It will be a bit tricky as we are building it in a modular form. This way section by section can be taken down when we move. It will be considered a non-permanent structure. Similar to the carport frames many use. We had looked at those but decided they wouldn't be big enough and would be hard to work with as far as inside layout.

Hoping to draw up the plans. Did a rough sketch and stood in the field staring at my imaginary barn! My imaginary barn is beautiful! 

I think I need to sell some goats so I can pay for my barn. 

We will have to build in stages but when all is said and done my does should have 56 sq ft of space each! LOL that is a 7x8 stall per goat!


----------



## Baymule (Oct 28, 2014)

You could sell some bucks! 

We want to see those plans!


----------



## Southern by choice (Oct 28, 2014)

Baymule said:


> You could sell some bucks!
> 
> We want to see those plans!



I   bucks! they are soooo sweet! 
Not all hormonal like the does that can be snots!
All our bucks love each other... our does... always some "girl issue"


----------



## animalmom (Nov 4, 2014)

I'd love to see your plans when you get them finished.  The idea of building modular sounds intriguing.

Love my bucks too!  All of them always have a happy look on their face, love to see me and you know, it isn't just about the food.  The does are good too, but they don't do unconditional love like the boys.


----------



## Southern by choice (Nov 4, 2014)

I can't find my program so I have done most by hand sketch. 
If I can figure out how to get it on here I will if not I will just post pics along the way! 
I am hoping to do a good bit over Thanksgiving! 
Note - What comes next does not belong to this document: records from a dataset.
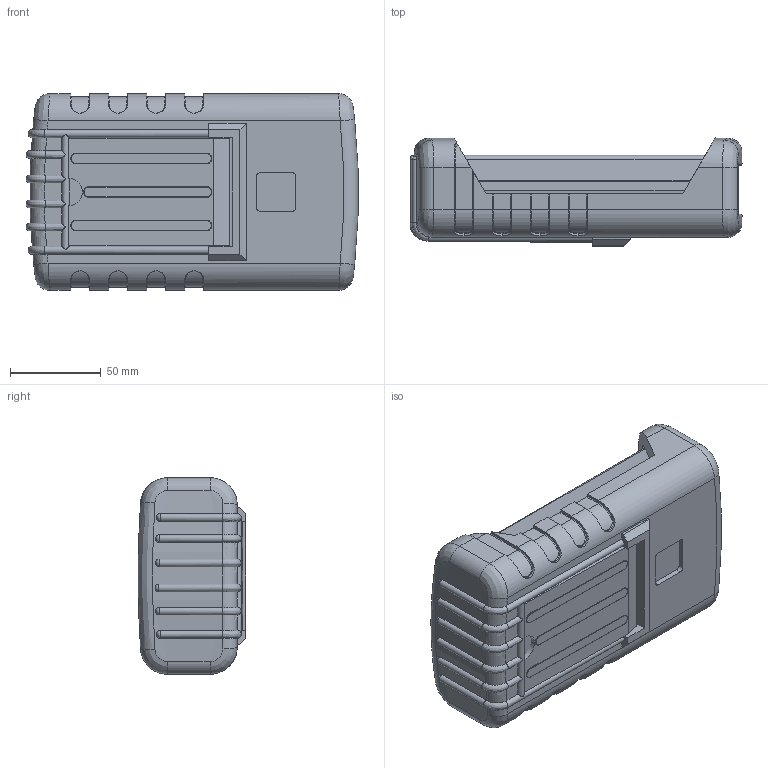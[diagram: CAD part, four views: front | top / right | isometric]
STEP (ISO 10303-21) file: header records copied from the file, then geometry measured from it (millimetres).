
FILE_DESCRIPTION (( 'STEP AP214' ), '1' );
FILE_NAME ('90-43-NO-E-R-BO.STEP', '2020-10-05T01:37:54', ( 'Rudy' ), ( '' ), 'SwSTEP 2.0', 'SolidWorks 2014', '' );
FILE_SCHEMA (( 'AUTOMOTIVE_DESIGN' ));
Length unit declared in the file: millimetre
Products named in the file (8): 90-43-NO-E-R-BO; 90 RBE Boot; RE 90 stand; 90 PCB NO; 90 expander; 90-Top Recess; 90-no bat-bottom
Assembly tree (7 placements, depth 3):
  90-43-NO-E-R-BO
    90-no bat-bottom
    90-Top Recess
    90 expander
    90 PCB NO
    90 RBE Boot
      90 RBE Boot
      RE 90 stand
Bounding box: 183.26 x 59.56 x 108.46 mm (x, y, z)
Volume: 415194.7 mm3; surface area: 211151.4 mm2
Topology: 6 solids, 6 shells, 771 faces, 2023 edges, 1295 vertices
Faces by surface type: plane 400, cylinder 217, bspline 76, cone 40, torus 33, sphere 5
Entity records: 30680 total; most frequent: CARTESIAN_POINT 11842, ORIENTED_EDGE 4038, DIRECTION 3674, EDGE_CURVE 2019, VERTEX_POINT 1295, AXIS2_PLACEMENT_3D 1262, VECTOR 1150, LINE 1150

The first phase will be 22x20.  We will have to add phase 2,3,and 4 as we can.  A little thing called "moulah" 
And a chunk of that "resource" will now be going to our hay broker. 
We are having a truck ship in hay... 
We calculated a minimum of #40 lbs of hay per day and that will go up as the youngsters continue to grow.
It will save us $$$ in the long run, but wow- up front 
I guess I could always list some goat kids for sale. 
I was terrible this year and didn't want to sell my babies. 
Especially my boys. I LOVE my boys!


----------



## babsbag (Nov 4, 2014)

Where are you storing the hay?

 I was thinking of one of the carports too but I would have it custom built as I only want the rafters and really really short legs and then we could mount the rafter and the bottom bracing that would normally be on the ground onto wooden 4x4 post and 2x10 ceiling joist. I have to talk to DH about that idea and make sure he can anchor it securely to the wood. Might be too much work. Just trying to find an easier way to do the center aisle of the barn as the high work is hard on him since his surgery.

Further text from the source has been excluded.